• [DATA PROVIDED]:
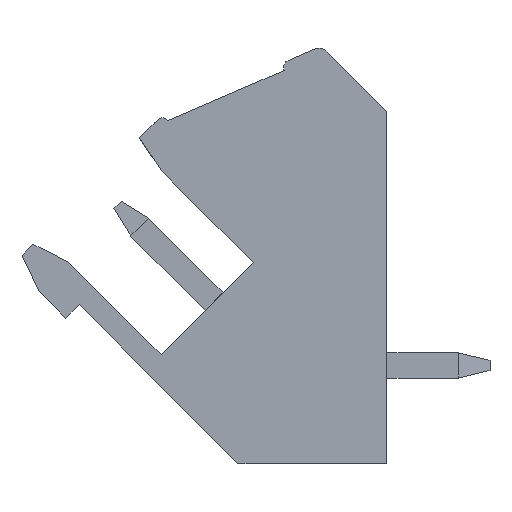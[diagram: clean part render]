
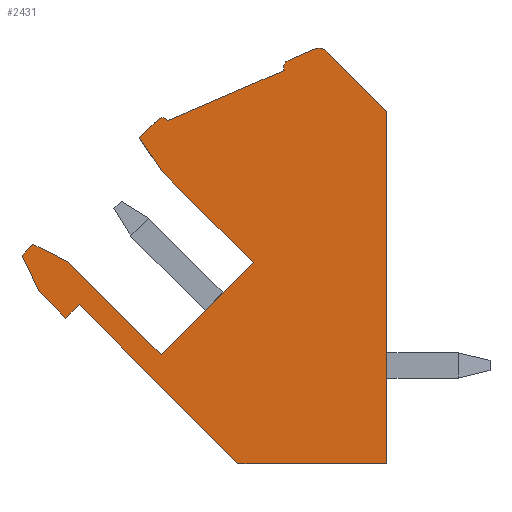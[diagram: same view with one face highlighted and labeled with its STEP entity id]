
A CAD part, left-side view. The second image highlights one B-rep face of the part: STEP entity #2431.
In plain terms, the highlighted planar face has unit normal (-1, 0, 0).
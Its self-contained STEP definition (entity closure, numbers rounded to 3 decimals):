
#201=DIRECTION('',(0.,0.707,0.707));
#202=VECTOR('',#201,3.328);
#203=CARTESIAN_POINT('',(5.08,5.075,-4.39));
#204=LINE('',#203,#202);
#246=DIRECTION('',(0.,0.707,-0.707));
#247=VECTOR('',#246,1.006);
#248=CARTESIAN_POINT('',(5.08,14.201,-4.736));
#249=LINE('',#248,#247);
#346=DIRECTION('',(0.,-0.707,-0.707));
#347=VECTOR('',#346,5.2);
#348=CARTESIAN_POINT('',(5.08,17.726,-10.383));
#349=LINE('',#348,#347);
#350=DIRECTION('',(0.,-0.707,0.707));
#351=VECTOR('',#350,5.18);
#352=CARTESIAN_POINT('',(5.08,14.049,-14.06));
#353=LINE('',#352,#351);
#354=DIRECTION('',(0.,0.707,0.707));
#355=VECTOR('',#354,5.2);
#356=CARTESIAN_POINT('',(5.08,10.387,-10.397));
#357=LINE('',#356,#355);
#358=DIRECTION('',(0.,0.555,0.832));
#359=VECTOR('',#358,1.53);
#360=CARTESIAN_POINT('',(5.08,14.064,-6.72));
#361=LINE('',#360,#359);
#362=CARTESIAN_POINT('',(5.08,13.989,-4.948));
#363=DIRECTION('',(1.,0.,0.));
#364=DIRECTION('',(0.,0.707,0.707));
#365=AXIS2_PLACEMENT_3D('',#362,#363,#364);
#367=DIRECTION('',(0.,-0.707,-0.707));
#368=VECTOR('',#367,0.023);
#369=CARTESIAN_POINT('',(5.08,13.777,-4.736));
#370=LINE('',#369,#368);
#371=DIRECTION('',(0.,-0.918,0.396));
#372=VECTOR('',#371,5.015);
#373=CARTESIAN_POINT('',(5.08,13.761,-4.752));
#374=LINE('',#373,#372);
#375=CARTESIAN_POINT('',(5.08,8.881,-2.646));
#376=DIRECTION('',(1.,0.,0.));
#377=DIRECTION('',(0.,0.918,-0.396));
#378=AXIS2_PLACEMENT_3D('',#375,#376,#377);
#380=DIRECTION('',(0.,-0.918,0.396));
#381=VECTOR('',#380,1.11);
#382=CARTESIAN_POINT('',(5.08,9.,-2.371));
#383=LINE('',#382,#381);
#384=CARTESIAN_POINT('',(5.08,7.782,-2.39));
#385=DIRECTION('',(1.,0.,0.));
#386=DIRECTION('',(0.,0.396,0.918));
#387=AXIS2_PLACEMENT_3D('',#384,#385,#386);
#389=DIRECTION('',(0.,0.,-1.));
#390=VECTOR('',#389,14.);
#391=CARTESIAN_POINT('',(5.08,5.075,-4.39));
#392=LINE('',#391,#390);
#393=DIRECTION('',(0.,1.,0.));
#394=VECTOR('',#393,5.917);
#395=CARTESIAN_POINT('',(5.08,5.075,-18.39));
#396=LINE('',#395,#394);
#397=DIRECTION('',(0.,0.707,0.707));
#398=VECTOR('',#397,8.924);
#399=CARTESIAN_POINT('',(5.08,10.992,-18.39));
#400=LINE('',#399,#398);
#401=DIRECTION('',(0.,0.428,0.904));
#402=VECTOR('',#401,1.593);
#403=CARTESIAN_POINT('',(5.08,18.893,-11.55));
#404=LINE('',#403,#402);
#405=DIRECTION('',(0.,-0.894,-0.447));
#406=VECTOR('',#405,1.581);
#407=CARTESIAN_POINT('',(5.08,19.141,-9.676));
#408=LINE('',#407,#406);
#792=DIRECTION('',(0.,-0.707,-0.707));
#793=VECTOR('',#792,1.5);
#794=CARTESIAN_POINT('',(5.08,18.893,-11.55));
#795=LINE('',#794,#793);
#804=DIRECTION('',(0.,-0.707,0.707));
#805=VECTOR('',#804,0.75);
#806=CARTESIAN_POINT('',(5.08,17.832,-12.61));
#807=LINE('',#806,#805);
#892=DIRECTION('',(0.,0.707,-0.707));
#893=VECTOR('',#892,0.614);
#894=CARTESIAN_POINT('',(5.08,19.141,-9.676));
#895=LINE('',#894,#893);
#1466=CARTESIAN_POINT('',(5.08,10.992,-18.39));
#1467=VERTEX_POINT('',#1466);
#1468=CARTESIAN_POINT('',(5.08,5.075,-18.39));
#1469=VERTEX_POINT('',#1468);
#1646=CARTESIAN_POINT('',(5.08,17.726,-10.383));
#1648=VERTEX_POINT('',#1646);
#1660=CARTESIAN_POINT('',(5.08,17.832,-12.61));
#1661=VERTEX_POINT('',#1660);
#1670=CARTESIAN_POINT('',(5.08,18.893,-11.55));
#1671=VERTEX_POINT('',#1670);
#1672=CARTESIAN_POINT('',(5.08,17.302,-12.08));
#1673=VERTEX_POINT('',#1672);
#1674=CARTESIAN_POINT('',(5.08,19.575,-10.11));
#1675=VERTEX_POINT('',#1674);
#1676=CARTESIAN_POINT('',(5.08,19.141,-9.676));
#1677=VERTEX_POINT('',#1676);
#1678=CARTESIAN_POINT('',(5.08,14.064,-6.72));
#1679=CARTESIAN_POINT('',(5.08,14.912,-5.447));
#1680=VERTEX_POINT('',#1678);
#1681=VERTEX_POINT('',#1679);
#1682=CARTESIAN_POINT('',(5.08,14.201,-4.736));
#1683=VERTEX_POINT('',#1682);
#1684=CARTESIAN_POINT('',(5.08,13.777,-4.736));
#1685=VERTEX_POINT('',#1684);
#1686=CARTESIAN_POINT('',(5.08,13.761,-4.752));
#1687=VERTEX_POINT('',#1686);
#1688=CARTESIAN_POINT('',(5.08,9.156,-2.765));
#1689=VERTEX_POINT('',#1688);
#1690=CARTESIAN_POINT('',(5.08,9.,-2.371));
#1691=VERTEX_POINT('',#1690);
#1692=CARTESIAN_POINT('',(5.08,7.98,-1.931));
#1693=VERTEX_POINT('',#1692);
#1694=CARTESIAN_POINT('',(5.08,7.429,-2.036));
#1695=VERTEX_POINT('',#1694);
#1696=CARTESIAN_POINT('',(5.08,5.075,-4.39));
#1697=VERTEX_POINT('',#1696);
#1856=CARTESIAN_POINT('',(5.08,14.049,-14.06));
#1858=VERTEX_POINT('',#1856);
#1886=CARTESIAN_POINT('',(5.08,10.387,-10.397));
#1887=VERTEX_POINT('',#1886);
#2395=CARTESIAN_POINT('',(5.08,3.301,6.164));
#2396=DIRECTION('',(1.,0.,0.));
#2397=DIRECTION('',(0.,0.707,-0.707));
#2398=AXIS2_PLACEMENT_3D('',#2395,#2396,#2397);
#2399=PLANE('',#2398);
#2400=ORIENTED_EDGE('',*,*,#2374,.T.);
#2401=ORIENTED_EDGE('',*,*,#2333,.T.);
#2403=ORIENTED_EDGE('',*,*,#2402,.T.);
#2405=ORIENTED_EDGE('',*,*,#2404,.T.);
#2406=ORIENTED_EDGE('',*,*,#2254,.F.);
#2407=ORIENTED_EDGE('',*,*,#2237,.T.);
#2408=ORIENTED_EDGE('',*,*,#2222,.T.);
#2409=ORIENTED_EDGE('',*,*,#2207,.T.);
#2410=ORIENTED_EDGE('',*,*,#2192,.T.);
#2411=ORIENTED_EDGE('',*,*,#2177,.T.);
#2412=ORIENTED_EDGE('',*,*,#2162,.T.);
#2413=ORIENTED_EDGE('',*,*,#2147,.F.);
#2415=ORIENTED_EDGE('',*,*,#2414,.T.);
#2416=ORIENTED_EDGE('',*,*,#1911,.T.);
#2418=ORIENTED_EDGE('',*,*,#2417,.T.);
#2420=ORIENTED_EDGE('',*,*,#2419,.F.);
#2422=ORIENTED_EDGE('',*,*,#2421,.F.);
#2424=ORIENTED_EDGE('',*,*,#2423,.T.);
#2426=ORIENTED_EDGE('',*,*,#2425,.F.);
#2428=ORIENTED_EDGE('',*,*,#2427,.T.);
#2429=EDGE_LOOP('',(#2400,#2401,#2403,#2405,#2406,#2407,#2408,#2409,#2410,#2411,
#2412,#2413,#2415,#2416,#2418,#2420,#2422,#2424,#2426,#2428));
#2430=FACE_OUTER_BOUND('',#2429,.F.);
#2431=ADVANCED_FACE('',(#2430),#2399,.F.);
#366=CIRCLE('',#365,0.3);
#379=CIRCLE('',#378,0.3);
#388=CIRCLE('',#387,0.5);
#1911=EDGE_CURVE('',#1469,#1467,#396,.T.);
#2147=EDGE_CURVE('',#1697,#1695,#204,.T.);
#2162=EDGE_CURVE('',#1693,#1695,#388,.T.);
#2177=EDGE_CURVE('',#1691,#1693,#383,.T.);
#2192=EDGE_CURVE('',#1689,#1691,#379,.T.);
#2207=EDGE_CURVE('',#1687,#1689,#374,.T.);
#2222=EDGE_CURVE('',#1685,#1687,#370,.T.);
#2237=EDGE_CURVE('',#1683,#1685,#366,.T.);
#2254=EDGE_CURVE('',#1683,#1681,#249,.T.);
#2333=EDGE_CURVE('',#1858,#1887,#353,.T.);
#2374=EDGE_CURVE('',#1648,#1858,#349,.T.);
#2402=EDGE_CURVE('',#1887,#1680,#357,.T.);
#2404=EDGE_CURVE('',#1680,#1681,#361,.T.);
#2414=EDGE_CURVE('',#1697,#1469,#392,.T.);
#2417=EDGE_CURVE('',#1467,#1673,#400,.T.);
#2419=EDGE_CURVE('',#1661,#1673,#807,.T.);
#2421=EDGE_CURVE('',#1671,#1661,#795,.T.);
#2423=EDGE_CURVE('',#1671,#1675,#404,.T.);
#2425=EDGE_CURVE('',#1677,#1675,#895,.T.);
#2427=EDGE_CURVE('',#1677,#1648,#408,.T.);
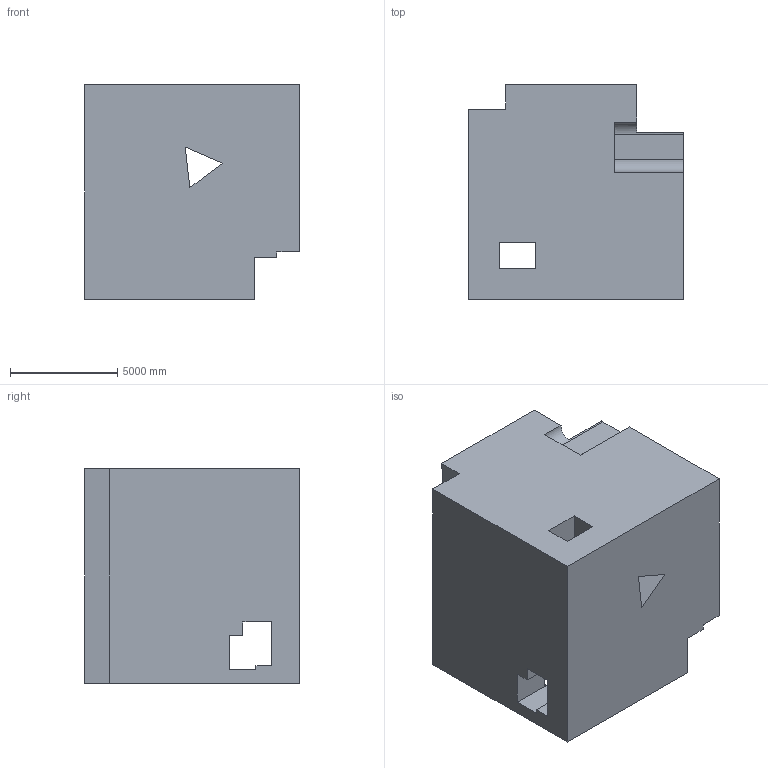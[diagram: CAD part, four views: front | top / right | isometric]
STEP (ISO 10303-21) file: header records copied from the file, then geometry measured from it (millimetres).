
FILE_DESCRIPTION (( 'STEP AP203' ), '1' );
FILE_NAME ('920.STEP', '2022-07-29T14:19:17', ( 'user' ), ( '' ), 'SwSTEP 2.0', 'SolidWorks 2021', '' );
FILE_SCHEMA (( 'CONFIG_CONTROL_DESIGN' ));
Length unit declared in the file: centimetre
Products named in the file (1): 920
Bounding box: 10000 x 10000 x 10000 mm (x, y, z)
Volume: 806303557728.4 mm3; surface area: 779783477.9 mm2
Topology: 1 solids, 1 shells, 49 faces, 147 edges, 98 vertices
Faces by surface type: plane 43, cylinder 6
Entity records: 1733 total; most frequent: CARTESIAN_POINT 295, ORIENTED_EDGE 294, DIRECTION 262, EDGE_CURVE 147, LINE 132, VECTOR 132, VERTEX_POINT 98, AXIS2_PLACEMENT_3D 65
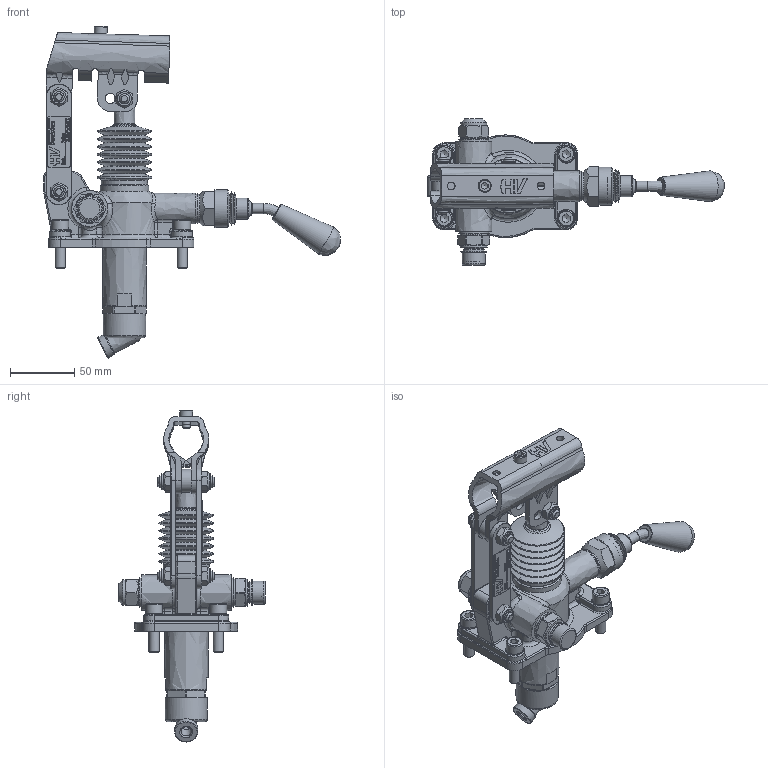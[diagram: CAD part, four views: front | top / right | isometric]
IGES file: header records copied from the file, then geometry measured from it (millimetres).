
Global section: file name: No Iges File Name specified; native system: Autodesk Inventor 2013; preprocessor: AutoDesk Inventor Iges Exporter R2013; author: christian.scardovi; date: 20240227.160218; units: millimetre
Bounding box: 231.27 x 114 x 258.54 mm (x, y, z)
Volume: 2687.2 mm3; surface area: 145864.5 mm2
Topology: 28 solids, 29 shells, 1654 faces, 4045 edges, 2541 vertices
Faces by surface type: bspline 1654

• [TASK INSTRUCTIONS]: Print the lines above from the one with "#370=LINE('',#369,#368);" through the one with "#1648=VERTEX_POINT('',#1646);", both included, exactly as written and nothing more.

• [ANSWER BOX]:
#370=LINE('',#369,#368);
#371=DIRECTION('',(0.,-0.918,0.396));
#372=VECTOR('',#371,5.015);
#373=CARTESIAN_POINT('',(5.08,13.761,-4.752));
#374=LINE('',#373,#372);
#375=CARTESIAN_POINT('',(5.08,8.881,-2.646));
#376=DIRECTION('',(1.,0.,0.));
#377=DIRECTION('',(0.,0.918,-0.396));
#378=AXIS2_PLACEMENT_3D('',#375,#376,#377);
#380=DIRECTION('',(0.,-0.918,0.396));
#381=VECTOR('',#380,1.11);
#382=CARTESIAN_POINT('',(5.08,9.,-2.371));
#383=LINE('',#382,#381);
#384=CARTESIAN_POINT('',(5.08,7.782,-2.39));
#385=DIRECTION('',(1.,0.,0.));
#386=DIRECTION('',(0.,0.396,0.918));
#387=AXIS2_PLACEMENT_3D('',#384,#385,#386);
#389=DIRECTION('',(0.,0.,-1.));
#390=VECTOR('',#389,14.);
#391=CARTESIAN_POINT('',(5.08,5.075,-4.39));
#392=LINE('',#391,#390);
#393=DIRECTION('',(0.,1.,0.));
#394=VECTOR('',#393,5.917);
#395=CARTESIAN_POINT('',(5.08,5.075,-18.39));
#396=LINE('',#395,#394);
#397=DIRECTION('',(0.,0.707,0.707));
#398=VECTOR('',#397,8.924);
#399=CARTESIAN_POINT('',(5.08,10.992,-18.39));
#400=LINE('',#399,#398);
#401=DIRECTION('',(0.,0.428,0.904));
#402=VECTOR('',#401,1.593);
#403=CARTESIAN_POINT('',(5.08,18.893,-11.55));
#404=LINE('',#403,#402);
#405=DIRECTION('',(0.,-0.894,-0.447));
#406=VECTOR('',#405,1.581);
#407=CARTESIAN_POINT('',(5.08,19.141,-9.676));
#408=LINE('',#407,#406);
#792=DIRECTION('',(0.,-0.707,-0.707));
#793=VECTOR('',#792,1.5);
#794=CARTESIAN_POINT('',(5.08,18.893,-11.55));
#795=LINE('',#794,#793);
#804=DIRECTION('',(0.,-0.707,0.707));
#805=VECTOR('',#804,0.75);
#806=CARTESIAN_POINT('',(5.08,17.832,-12.61));
#807=LINE('',#806,#805);
#892=DIRECTION('',(0.,0.707,-0.707));
#893=VECTOR('',#892,0.614);
#894=CARTESIAN_POINT('',(5.08,19.141,-9.676));
#895=LINE('',#894,#893);
#1466=CARTESIAN_POINT('',(5.08,10.992,-18.39));
#1467=VERTEX_POINT('',#1466);
#1468=CARTESIAN_POINT('',(5.08,5.075,-18.39));
#1469=VERTEX_POINT('',#1468);
#1646=CARTESIAN_POINT('',(5.08,17.726,-10.383));
#1648=VERTEX_POINT('',#1646);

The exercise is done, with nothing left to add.